-- Opening Marker --

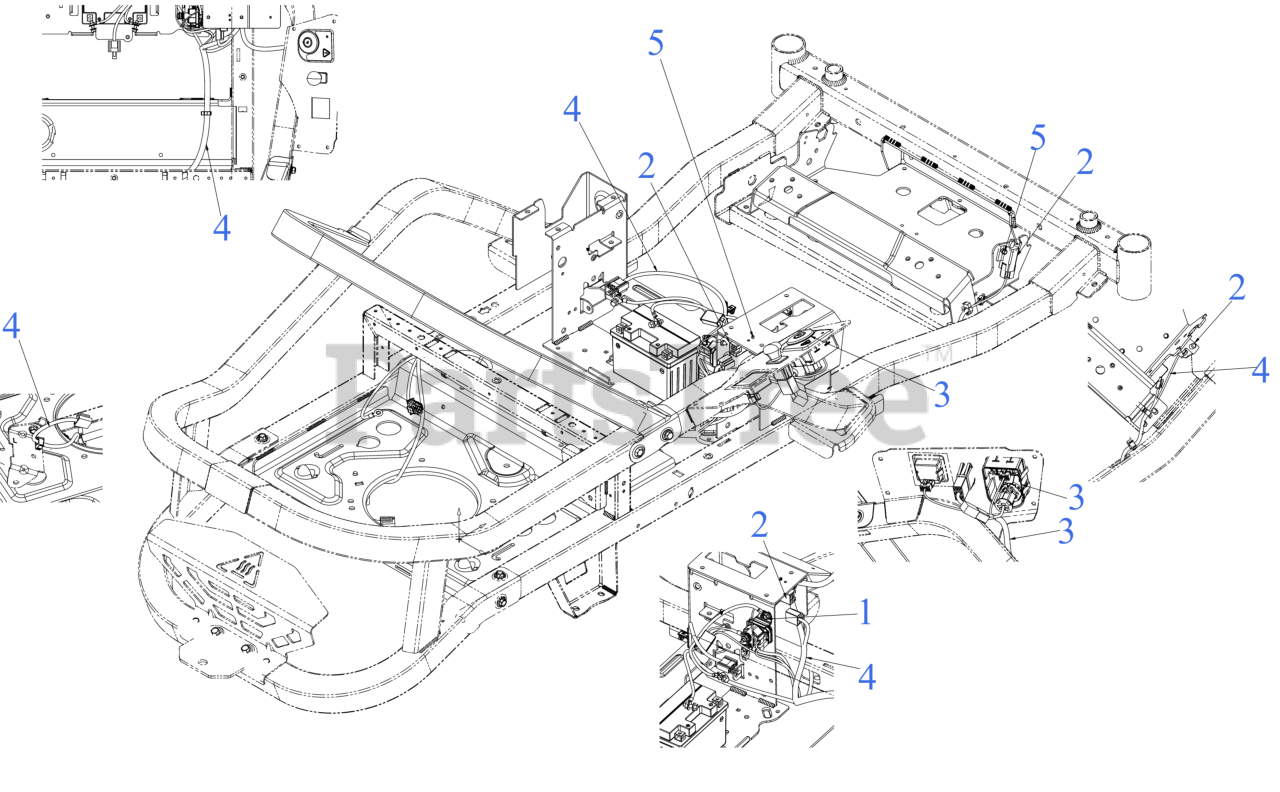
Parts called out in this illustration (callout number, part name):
1	SCREW 1/4-20X.625
2	INTERLOCK SWITCH (NO/NC)
3	IGNITION MODULE SWITCH (RMC ELC PTO WHTE)
4	MAIN HARNESS (RMC/LIGHT/H1)
5	SHOULDER SCREW
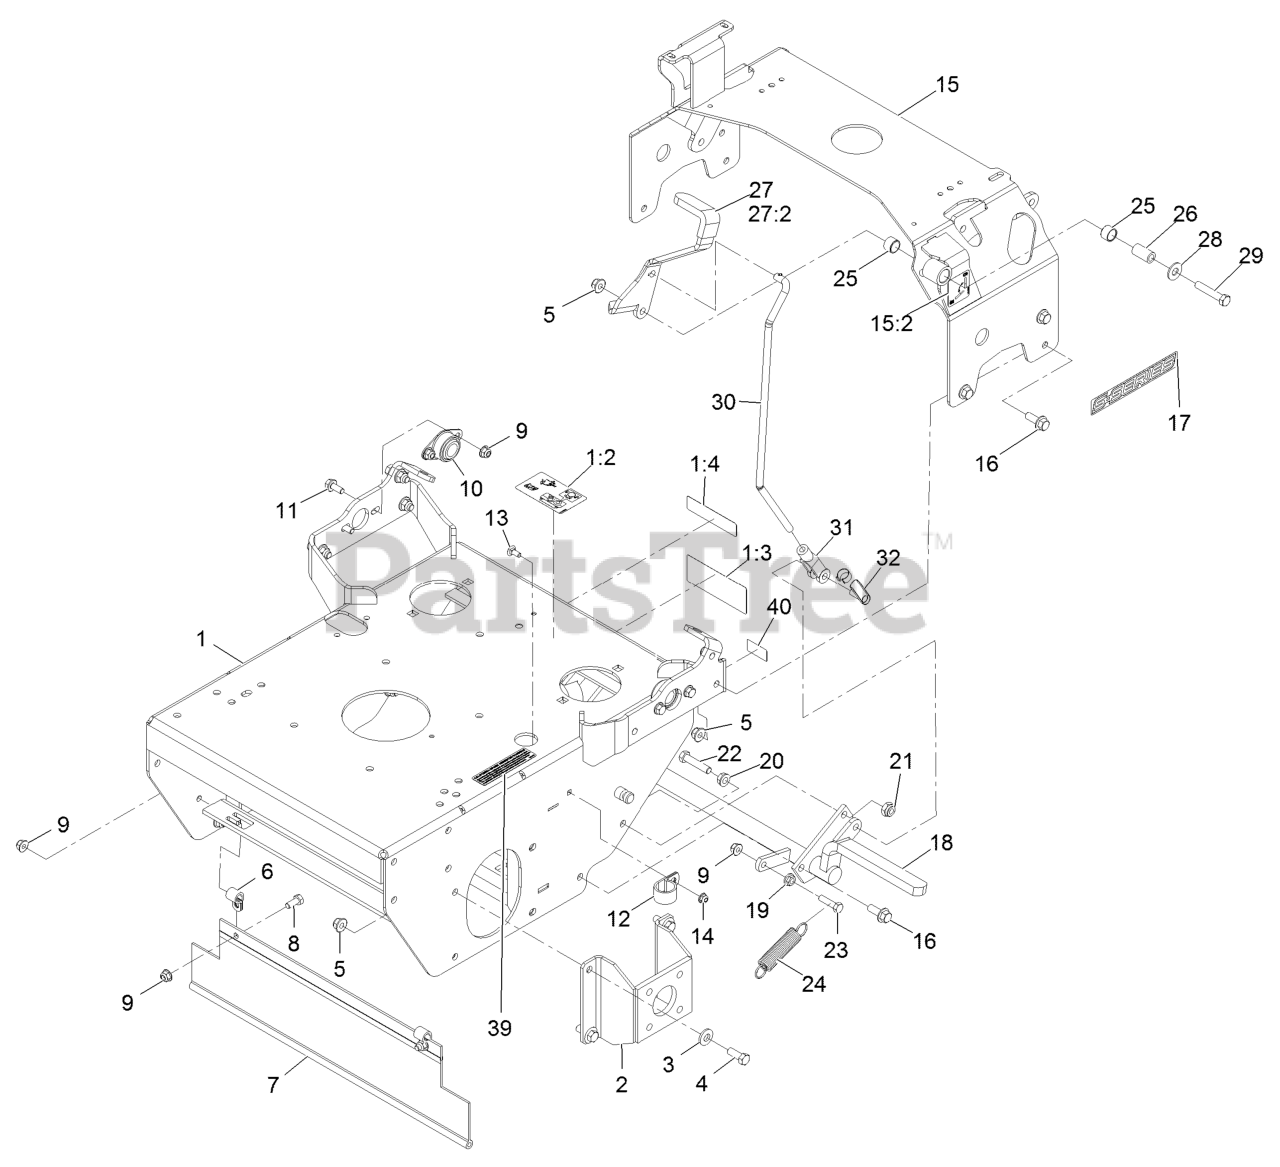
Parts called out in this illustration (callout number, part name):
1	ASM, ENGINE DECK W/ DECAL
1:2	DECAL-DRIVE RELEASE
1:3	DECAL-WARNING, SULKY
1:4	DECAL-WARNING
2	WLD,MOTOR MOUNT 48&52
3	WASHER-BELLEVILLE
4	SCREW-HH
5	NUT-HF, NI
6	CLIP-LOOM
7	SHIELD-DRAG
8	SCREW-HH
9	NUT-HF, NI
10	BEARING-FLANGE, SIDE
11	SCREW-HHF
12	CLIP-LOOM
13	SCREW-CARR
15	ASM, TANK SUPPORT W/ DECA
15:2	DECAL-PARK BRAKE, CE
16	SCREW-HHF 3/8-16 X 1
17	DECAL-S-SERIES
20	NUT-HHF, WHIZ
21	NUT-LOCK, NI
22	SCREW-HH
23	SCREW-HH
24	SPRING-IDLER
25	SLEEVE-BUSHING
26	BUSHING-PIVOT
27	ASM, BRAKE LEVER W/ GRIP
27:2	GRIP-LEVER
28	WASHER-FLAT
29	SCREW-HH
30	LINKAGE, BRAKE
31	YOKE-LINKAGE, BRAKE
32	PIN-SPRING, CLEVIS
39	DECAL-ARRESTER, SPARK
40	Decal-Patent Ttco.Com

-- Closing Marker --

WORK TASK. Show the lines in the entries above that include the string "WARNING".

TASK OUTPUT.
1:3	DECAL-WARNING, SULKY
1:4	DECAL-WARNING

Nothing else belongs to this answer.